What the task requires: When a line of the entries contains the word "IfcRelDefinesByType", report that line.

====== Available data

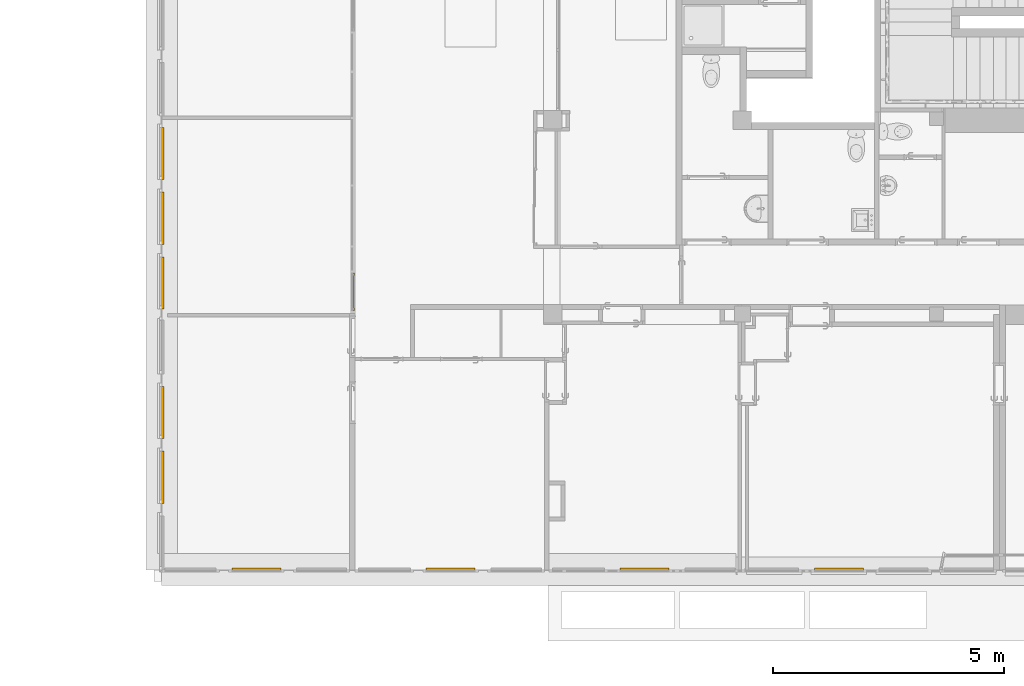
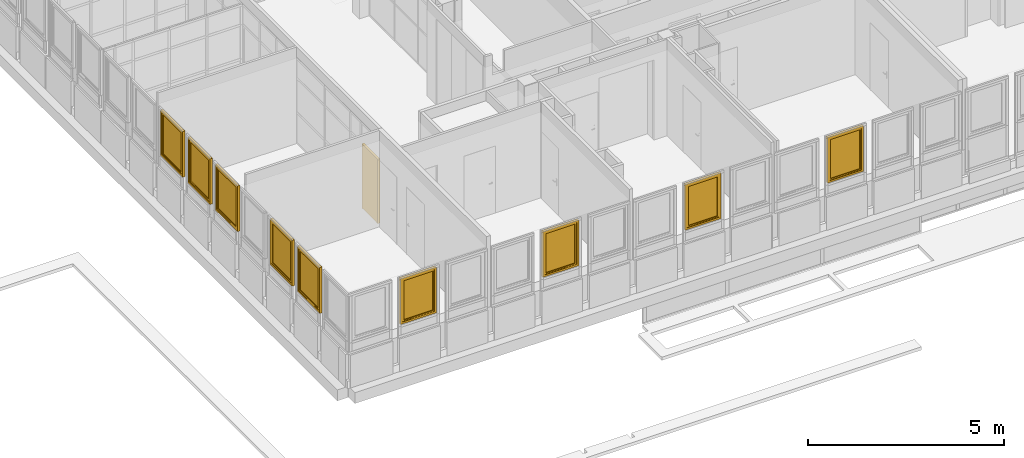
# One storey, part 84 of 97: 9 windows, 1 door, 10 elements without a shape of their own.
"""IFC4 building model written with IfcOpenShell, lengths in metres."""

import ifcopenshell
import ifcopenshell.guid

model = None  # the IFC model being written
_history = None  # IfcOwnerHistory: only IFC2X3 demands one
_inside = {}  # id of a spatial element -> (the spatial element, [elements in it])
_under = {}  # id of a project, library or spatial element -> (it, [spatial elements below it])
_declared = {}  # id of a project -> (the project, [libraries it declares])
_typed = {}  # id of a type object -> (the type object, [elements of that type])
_made_of = {}  # id of a material, layer set ... -> (it, [elements and type objects made of it])


def new_model(schema):
    """Start an empty IFC model of exactly this schema.

    Asked for "IFC4X3", IfcOpenShell would pick the latest addendum, in which some entities
    have other attributes; the version numbers below select the first issue.
    IFC2X3 requires an IfcOwnerHistory on every rooted entity: one is made here for all.
    """
    global model, _history
    if schema == "IFC4X3":
        model = ifcopenshell.file(schema_version=(4, 3, 0, 0))
    else:
        model = ifcopenshell.file(schema=schema)
    _inside.clear()
    _under.clear()
    _declared.clear()
    _typed.clear()
    _made_of.clear()
    _history = None
    if model.schema == "IFC2X3":
        org = make("IfcOrganization", Name="unknown")
        user = make(
            "IfcPersonAndOrganization",
            ThePerson=make("IfcPerson", FamilyName="unknown"),
            TheOrganization=org,
        )
        app = make(
            "IfcApplication",
            ApplicationDeveloper=org,
            Version="unknown",
            ApplicationFullName="unknown",
            ApplicationIdentifier="unknown",
        )
        _history = make(
            "IfcOwnerHistory",
            OwningUser=user,
            OwningApplication=app,
            ChangeAction="ADDED",
            CreationDate=0,
        )
    return model


def make(cls, **values):
    """One entity of the class cls with the attributes given. An attribute that is None is left unset."""
    return model.create_entity(
        cls, **{name: value for name, value in values.items() if value is not None}
    )


def entity(cls, *values):
    """Any entity or typed value of the class cls, its attributes in the order of the schema. None: left unset."""
    e = model.create_entity(cls)
    for i, value in enumerate(values):
        if value is not None:
            e[i] = value
    return e


def rooted(cls, **values):
    """An entity with a GlobalId (a new one), such as an element, a storey or a relation."""
    return make(cls, GlobalId=ifcopenshell.guid.new(), OwnerHistory=_history, **values)


def si_unit(unit_type, name, prefix=None):
    """IfcSIUnit, for example si_unit("LENGTHUNIT", "METRE", prefix="MILLI")."""
    return make("IfcSIUnit", UnitType=unit_type, Prefix=prefix, Name=name)


def converted_unit(unit_type, name, factor, base, dimensions=None, offset=None):
    """IfcConversionBasedUnit, such as the inch: factor (a typed value) times the base unit."""
    return make(
        "IfcConversionBasedUnit"
        if offset is None
        else "IfcConversionBasedUnitWithOffset",
        ConversionOffset=offset,
        Dimensions=None
        if dimensions is None
        else entity("IfcDimensionalExponents", *dimensions),
        UnitType=unit_type,
        Name=name,
        ConversionFactor=make(
            "IfcMeasureWithUnit", ValueComponent=factor, UnitComponent=base
        ),
    )


def derived_unit(unit_type, elements):
    """IfcDerivedUnit: a product of units, each with its exponent."""
    return make(
        "IfcDerivedUnit",
        Elements=[
            make("IfcDerivedUnitElement", Unit=unit, Exponent=power)
            for unit, power in elements
        ],
        UnitType=unit_type,
    )


def assignment(units):
    """IfcUnitAssignment: the units of a project."""
    return None if units is None else make("IfcUnitAssignment", Units=units)


def point(xyz):
    """IfcCartesianPoint."""
    return None if xyz is None else make("IfcCartesianPoint", Coordinates=xyz)


def direction(xyz):
    """IfcDirection."""
    return None if xyz is None else make("IfcDirection", DirectionRatios=xyz)


def frame(location, z_axis=None, x_axis=None):
    """IfcAxis2Placement3D, a coordinate frame: its origin and axes. An axis left out is left unset."""
    return make(
        "IfcAxis2Placement3D",
        Location=point(location),
        Axis=direction(z_axis),
        RefDirection=direction(x_axis),
    )


def origin():
    """The frame at (0, 0, 0) with its axes left unset."""
    return frame((0.0, 0.0, 0.0))


def place(relative_to, where):
    """IfcLocalPlacement: puts the frame where relative to a parent placement (None: the world)."""
    return make(
        "IfcLocalPlacement", PlacementRelTo=relative_to, RelativePlacement=where
    )


def context(
    kind, dimensions, precision=None, world=None, true_north=None, identifier=None
):
    """IfcGeometricRepresentationContext, for example the 3D "Model" context."""
    return make(
        "IfcGeometricRepresentationContext",
        ContextIdentifier=identifier,
        ContextType=kind,
        CoordinateSpaceDimension=dimensions,
        Precision=precision,
        WorldCoordinateSystem=world,
        TrueNorth=true_north,
    )


def subcontext(parent, identifier, kind, view, scale=None):
    """IfcGeometricRepresentationSubContext, for example "Body" below "Model"."""
    return make(
        "IfcGeometricRepresentationSubContext",
        ContextIdentifier=identifier,
        ContextType=kind,
        ParentContext=parent,
        TargetScale=scale,
        TargetView=view,
    )


def project(units=None, contexts=None):
    """IfcProject with its units and contexts."""
    return rooted(
        "IfcProject",
        Name="project",
        RepresentationContexts=contexts,
        UnitsInContext=assignment(units),
    )


def spatial(cls, under=None, at=None, **own):
    """A site, building, storey or space (cls), placed at a placement, below another one or the project."""
    s = rooted(cls, ObjectPlacement=at, **own)
    if under is not None:
        _under.setdefault(under.id(), (under, []))[1].append(s)
    return s


def point_list(points):
    """IfcCartesianPointList2D or 3D."""
    cls = (
        "IfcCartesianPointList2D" if len(points[0]) == 2 else "IfcCartesianPointList3D"
    )
    return make(cls, CoordList=points)


def indexed_curve(points, segments=None, self_intersect=None):
    """IfcIndexedPolyCurve: lines and arcs through numbered points (the first is 1)."""
    return make(
        "IfcIndexedPolyCurve",
        Points=point_list(points),
        Segments=segments,
        SelfIntersect=self_intersect,
    )


def outline(outer, holes=None, kind="AREA"):
    """IfcArbitraryClosedProfileDef: a profile drawn as a closed curve; with holes, ...WithVoids."""
    if holes is None:
        return make("IfcArbitraryClosedProfileDef", ProfileType=kind, OuterCurve=outer)
    return make(
        "IfcArbitraryProfileDefWithVoids",
        ProfileType=kind,
        OuterCurve=outer,
        InnerCurves=holes,
    )


def extrude(swept, where, along, depth):
    """IfcExtrudedAreaSolid: the profile swept, set in the frame where, extruded along a direction by depth."""
    return make(
        "IfcExtrudedAreaSolid",
        SweptArea=swept,
        Position=where,
        ExtrudedDirection=direction(along),
        Depth=depth,
    )


def polygons(points, faces, closed=None, point_numbers=None):
    """IfcPolygonalFaceSet: a face is its outer loop, then its inner loops; points numbered from 1."""
    made = []
    for loops in faces:
        if len(loops) == 1:
            made.append(make("IfcIndexedPolygonalFace", CoordIndex=loops[0]))
        else:
            made.append(
                make(
                    "IfcIndexedPolygonalFaceWithVoids",
                    CoordIndex=loops[0],
                    InnerCoordIndices=loops[1:],
                )
            )
    return make(
        "IfcPolygonalFaceSet",
        Coordinates=point_list(points),
        Closed=closed,
        Faces=made,
        PnIndex=point_numbers,
    )


def shape(context_of_items, identifier, shape_type, items):
    """IfcShapeRepresentation: the items that make up one representation, for example the "Body"."""
    return make(
        "IfcShapeRepresentation",
        ContextOfItems=context_of_items,
        RepresentationIdentifier=identifier,
        RepresentationType=shape_type,
        Items=items,
    )


def source(mapping_origin, context_of_items, identifier, shape_type, items):
    """IfcRepresentationMap: a shape defined once, which mapped items show again and again."""
    return make(
        "IfcRepresentationMap",
        MappingOrigin=mapping_origin,
        MappedRepresentation=shape(context_of_items, identifier, shape_type, items),
    )


def transform(
    local_origin,
    x_axis=None,
    y_axis=None,
    z_axis=None,
    scale=None,
    scale2=None,
    scale3=None,
    uniform=True,
):
    """IfcCartesianTransformationOperator3D, or its non-uniform kind. x_axis, y_axis, z_axis: its Axis1, 2, 3."""
    if uniform:
        return make(
            "IfcCartesianTransformationOperator3D",
            Axis1=direction(x_axis),
            Axis2=direction(y_axis),
            LocalOrigin=point(local_origin),
            Scale=scale,
            Axis3=direction(z_axis),
        )
    return make(
        "IfcCartesianTransformationOperator3DnonUniform",
        Axis1=direction(x_axis),
        Axis2=direction(y_axis),
        LocalOrigin=point(local_origin),
        Scale=scale,
        Axis3=direction(z_axis),
        Scale2=scale2,
        Scale3=scale3,
    )


def mapped(mapping_source, mapping_target):
    """IfcMappedItem: shows the shape of a source again, moved by a transform."""
    return make(
        "IfcMappedItem", MappingSource=mapping_source, MappingTarget=mapping_target
    )


def material(Name=None, Category=None):
    """IfcMaterial."""
    return make("IfcMaterial", Name=Name, Category=Category)


def material_list(materials):
    """IfcMaterialList."""
    return make("IfcMaterialList", Materials=materials)


def constituent(of_material, Name=None, Category=None, fraction=None):
    """IfcMaterialConstituent: one of the materials an element consists of."""
    return make(
        "IfcMaterialConstituent",
        Name=Name,
        Material=of_material,
        Fraction=fraction,
        Category=Category,
    )


def constituent_set(constituents=None, Name=None):
    """IfcMaterialConstituentSet."""
    return make(
        "IfcMaterialConstituentSet", Name=Name, MaterialConstituents=constituents
    )


def made_of(thing, what):
    """Note that an element or type object is made of a material, layer set ...; save() writes the relation."""
    if what is not None:
        _made_of.setdefault(what.id(), (what, []))[1].append(thing)
    return thing


def type_object(cls, material=None, **own):
    """A type object (cls), such as IfcWallType, which elements share."""
    return made_of(rooted(cls, **own), material)


def type_shapes(of_type, sources):
    """Give a type object the sources (RepresentationMaps) that its elements show as mapped items."""
    of_type.RepresentationMaps = sources


def element(
    cls,
    number,
    at=None,
    inside=None,
    cuts=None,
    type_object=None,
    material=None,
    context=None,
    identifier="Body",
    shape_type=None,
    held_by="IfcProductDefinitionShape",
    body=None,
    shapes=None,
    **own,
):
    """One element of the class cls, such as IfcWall. Its Tag is "e" and its number.

    at: its placement. inside: the storey or other place that contains it. cuts: it is an
    opening in that element (IfcRelVoidsElement). A single representation is given by context,
    identifier, shape_type and body (its items); several are given by shapes. held_by: the class
    of the entity that holds the representations. save() writes the other relations.
    """
    e = rooted(cls, Tag="e%d" % number, ObjectPlacement=at, **own)
    if body is not None:
        shapes = [shape(context, identifier, shape_type, body)]
    if shapes is not None:
        e.Representation = make(held_by, Representations=shapes)
    if inside is not None:
        _inside.setdefault(inside.id(), (inside, []))[1].append(e)
    if cuts is not None:
        rooted(
            "IfcRelVoidsElement", RelatingBuildingElement=cuts, RelatedOpeningElement=e
        )
    if type_object is not None:
        _typed.setdefault(type_object.id(), (type_object, []))[1].append(e)
    return made_of(e, material)


def aggregate(whole, parts):
    """IfcRelAggregates: a whole, such as a stair, and the parts it consists of."""
    return rooted("IfcRelAggregates", RelatingObject=whole, RelatedObjects=parts)


def save(model, path):
    """Write the relations noted so far, then the file.

    IfcRelAggregates (storeys below a building ...), IfcRelContainedInSpatialStructure (elements
    in a storey), IfcRelDefinesByType, IfcRelAssociatesMaterial and IfcRelDeclares: one each for
    every whole, place, type object, material and project.
    """
    for whole, parts in _under.values():
        aggregate(whole, parts)
    for where, things in _inside.values():
        rooted(
            "IfcRelContainedInSpatialStructure",
            RelatedElements=things,
            RelatingStructure=where,
        )
    for kind, things in _typed.values():
        rooted("IfcRelDefinesByType", RelatedObjects=things, RelatingType=kind)
    for what, things in _made_of.values():
        rooted("IfcRelAssociatesMaterial", RelatedObjects=things, RelatingMaterial=what)
    for by, libraries in _declared.values():
        rooted("IfcRelDeclares", RelatingContext=by, RelatedDefinitions=libraries)
    model.write(path)


model = new_model("IFC4")

# Units and contexts
model_context = context("Model", 3, precision=1e-05, world=origin(), true_north=direction((6.12303176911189e-17, 1.0)))
body_context = subcontext(model_context, "Body", "Model", "MODEL_VIEW")
ifc_project = project(units=[si_unit("LENGTHUNIT", "METRE"), si_unit("AREAUNIT", "SQUARE_METRE"), si_unit("VOLUMEUNIT", "CUBIC_METRE"), converted_unit("PLANEANGLEUNIT", "DEGREE", entity("IfcRatioMeasure", 0.0174532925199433), si_unit("PLANEANGLEUNIT", "RADIAN"), dimensions=[0, 0, 0, 0, 0, 0, 0]), si_unit("MASSUNIT", "GRAM", prefix="KILO"), derived_unit("MASSDENSITYUNIT", [(si_unit("MASSUNIT", "GRAM", prefix="KILO"), 1), (si_unit("LENGTHUNIT", "METRE"), -3)]), derived_unit("MOMENTOFINERTIAUNIT", [(si_unit("LENGTHUNIT", "METRE"), 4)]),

============

Solution to this exercise:
    in a storey), IfcRelDefinesByType, IfcRelAssociatesMaterial and IfcRelDeclares: one each for
        rooted("IfcRelDefinesByType", RelatedObjects=things, RelatingType=kind)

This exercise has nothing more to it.